• _Assignment_
Pick each line containing the word "count" out of the data below.

[Data extracted from a collection]

---+---

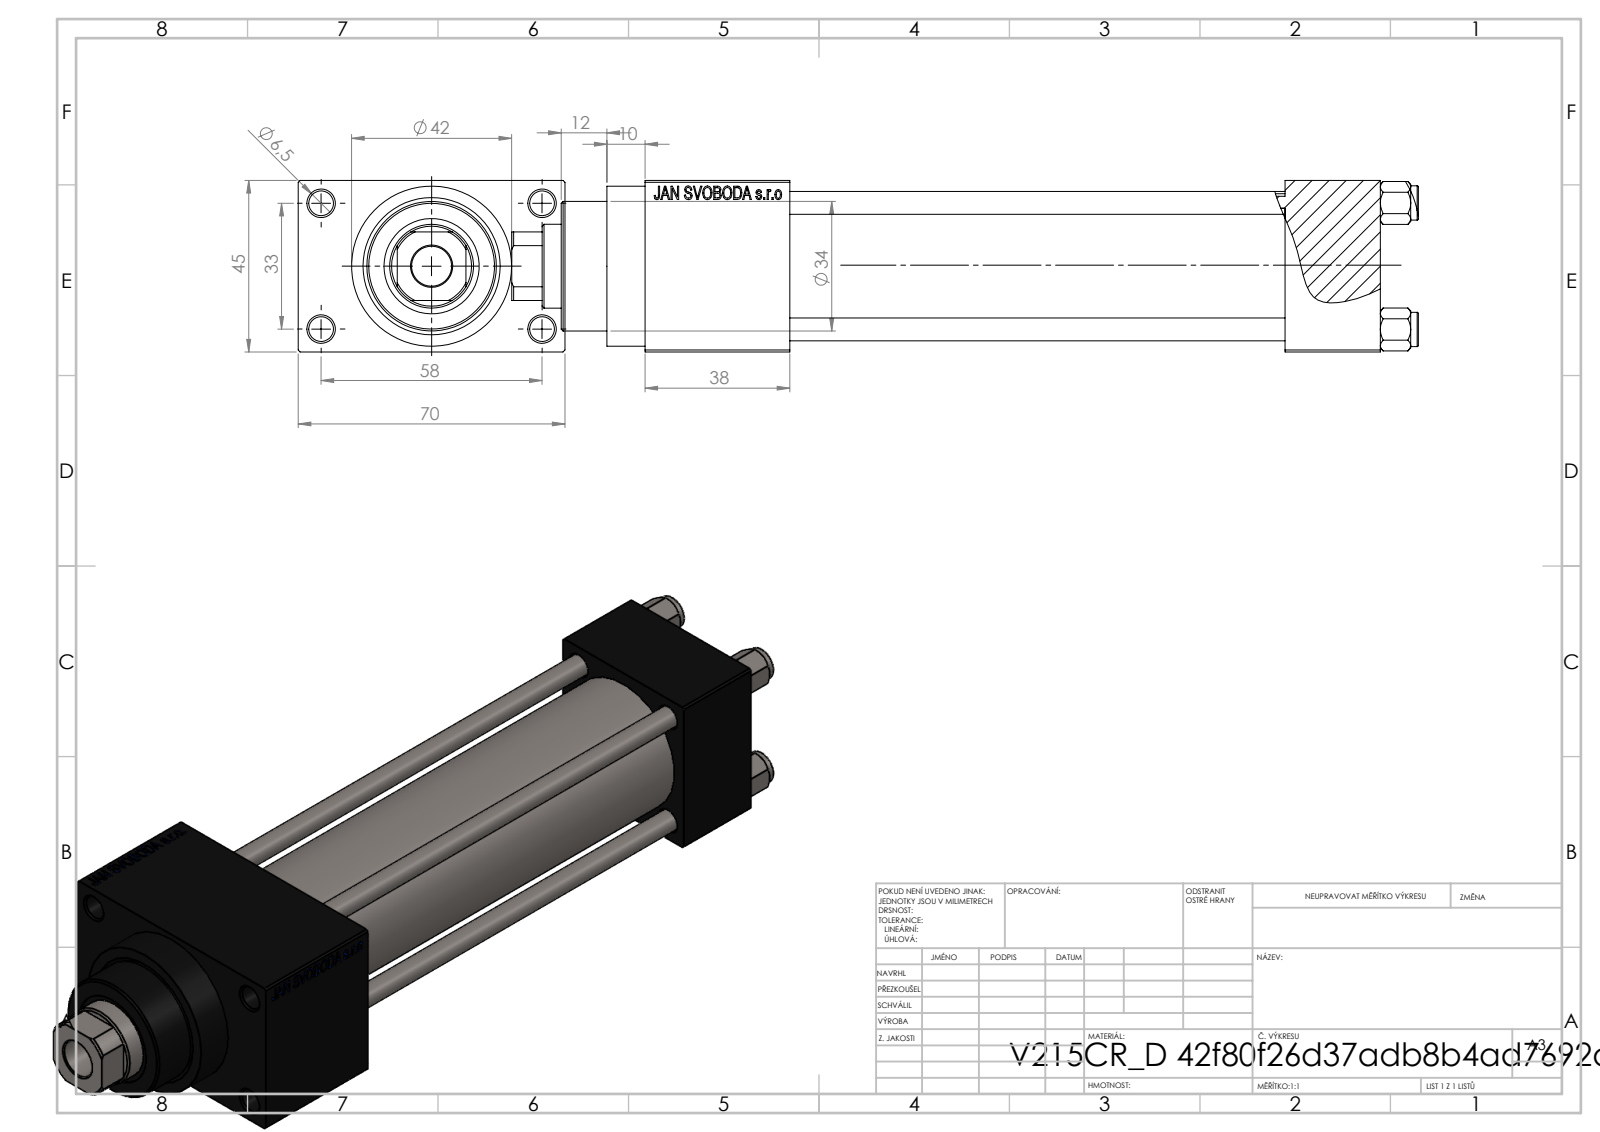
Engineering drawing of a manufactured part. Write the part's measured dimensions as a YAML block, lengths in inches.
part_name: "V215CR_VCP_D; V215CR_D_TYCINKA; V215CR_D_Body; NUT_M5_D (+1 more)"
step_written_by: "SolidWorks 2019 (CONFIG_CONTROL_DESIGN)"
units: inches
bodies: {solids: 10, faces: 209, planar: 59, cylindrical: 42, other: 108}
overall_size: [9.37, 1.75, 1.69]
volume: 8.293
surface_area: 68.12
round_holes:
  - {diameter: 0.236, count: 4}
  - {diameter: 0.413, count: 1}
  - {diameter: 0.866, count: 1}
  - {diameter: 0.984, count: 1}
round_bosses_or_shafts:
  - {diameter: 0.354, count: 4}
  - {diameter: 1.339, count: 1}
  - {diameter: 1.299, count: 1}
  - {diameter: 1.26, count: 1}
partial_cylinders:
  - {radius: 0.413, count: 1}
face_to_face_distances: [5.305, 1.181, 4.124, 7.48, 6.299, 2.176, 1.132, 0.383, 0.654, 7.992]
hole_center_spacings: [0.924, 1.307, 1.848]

---+---

• _Exercise result_
  - {diameter: 0.236, count: 4}
  - {diameter: 0.413, count: 1}
  - {diameter: 0.866, count: 1}
  - {diameter: 0.984, count: 1}
  - {diameter: 0.354, count: 4}
  - {diameter: 1.339, count: 1}
  - {diameter: 1.299, count: 1}
  - {diameter: 1.26, count: 1}
  - {radius: 0.413, count: 1}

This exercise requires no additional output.